Signal 2 — Niche Precision (0–20 pts)

Two-component signal measuring how well the creator's content niche aligns with the brand.

  • Component A — Roster Niche Overlap (0–12 pts): Creator niches vs. the niches of past CA roster partners for this brand. Scoring: 3+ overlapping niches = 12 pts, 2 niches = 9 pts, 1 niche = 4–7 pts, partial = 2 pts.
  • Component B — Embedding Similarity (0–8 pts): Semantic similarity between the brand's description (augmented with past-partner niches) and the creator's profile using text embeddings. Rescaled to the actual corpus range (0.50–0.75).

Signal 3 — Competitive Intel (flat 20 pts)

Currently disabled. All creators receive the full 20/20. Will be re-enabled when competitive data is more complete.

Signal 4 — Price / Market Fit (0–20 pts)

Measures how well the creator's rate aligns with what this brand typically pays.

  • Creator's rate vs. the brand's average deal rate
  • Tighter alignment = higher score

Signal 5 — Audience Demographics (0–10 pts)

Scores the creator's audience characteristics against what the brand typically looks for:

  • US audience percentage
  • Male/female split
  • Age distribution

Signal 6 — Inventory Momentum (0–10 pts)

Availability and frequency signal:

  • How regularly the creator publishes sponsored content
  • Whether they have open inventory slots

Score Color Coding

ScoreColorLabel
90–100GreenExcellent fit
80–89LimeStrong fit
70–79GoldGood fit
60–69OrangeModerate fit
Below 60GrayWeak fit

Match Status (Pipeline)

Each match has a status field that tracks where it is in the agent's pipeline:

StatusDescription
not_pitchedDefault — not yet contacted
reached_outAgent has sent an initial pitch
in_negotiationActive discussion / deal in progress
wonDeal closed
not_a_fitAgent has marked this as not worth pursuing

Status is updated by the agent via the Pitch / Pass buttons in the UI, which call PATCH /api/matches/:id on ca-data.


Pitch Narrative

Each match record optionally includes a pitch_narrative — a one-paragraph pre-written angle explaining why this specific creator is a good fit for this specific brand. Narratives are generated in batch by scripts/generate_narratives_openai.py.

As of early 2026, ~55% of assigned matches have a narrative. The remaining ~45% show no narrative text in the UI.


Conflict Detection

The conflict_database table tracks creators with active sponsor detections for competing brands. If a creator in a match has a detected conflict with the brand being pitched, a warning badge appears on their match card.

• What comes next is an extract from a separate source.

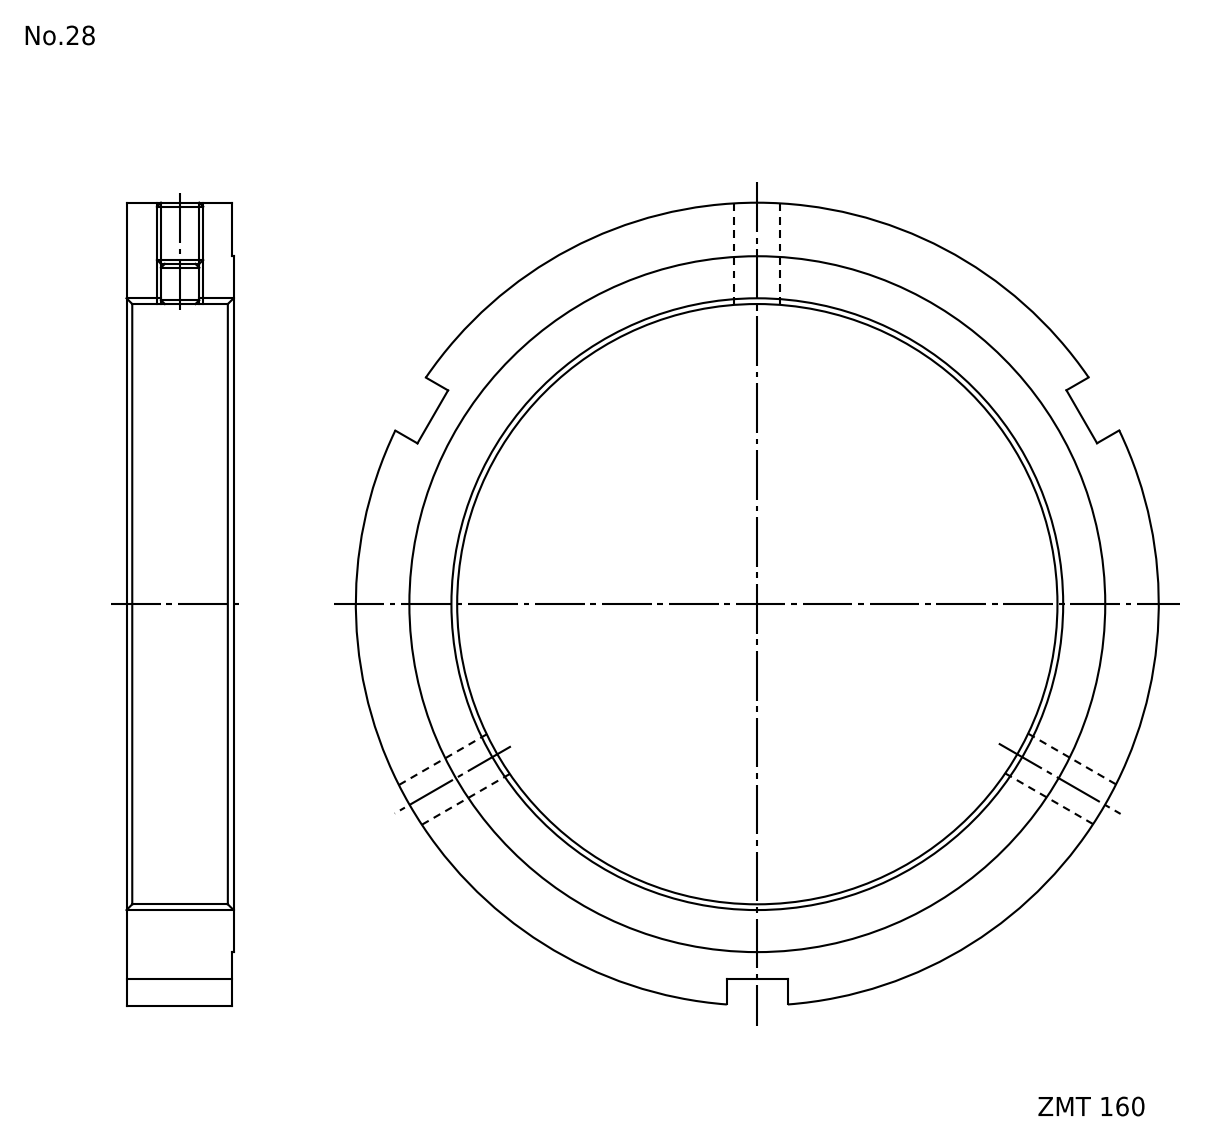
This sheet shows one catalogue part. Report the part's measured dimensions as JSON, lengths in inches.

Conflict data is synced separately from the sponsor detection pipeline.


Batch Rescoring

When scores need to be recalculated (e.g. after scoring model changes), the process is:

  1. Run scripts/scoring_v3/run_v3_scoring.py — outputs 1,753 brand JSON files to data/matches_v3/
  2. Run scripts/push_rescored_matches_to_neon.py — bulk UPDATE to Neon (2,000 rows per batch)
  3. ca-data serves the updated scores immediately — no app redeploy needed

The last full rescore updated 107,307 rows to v3 scoring.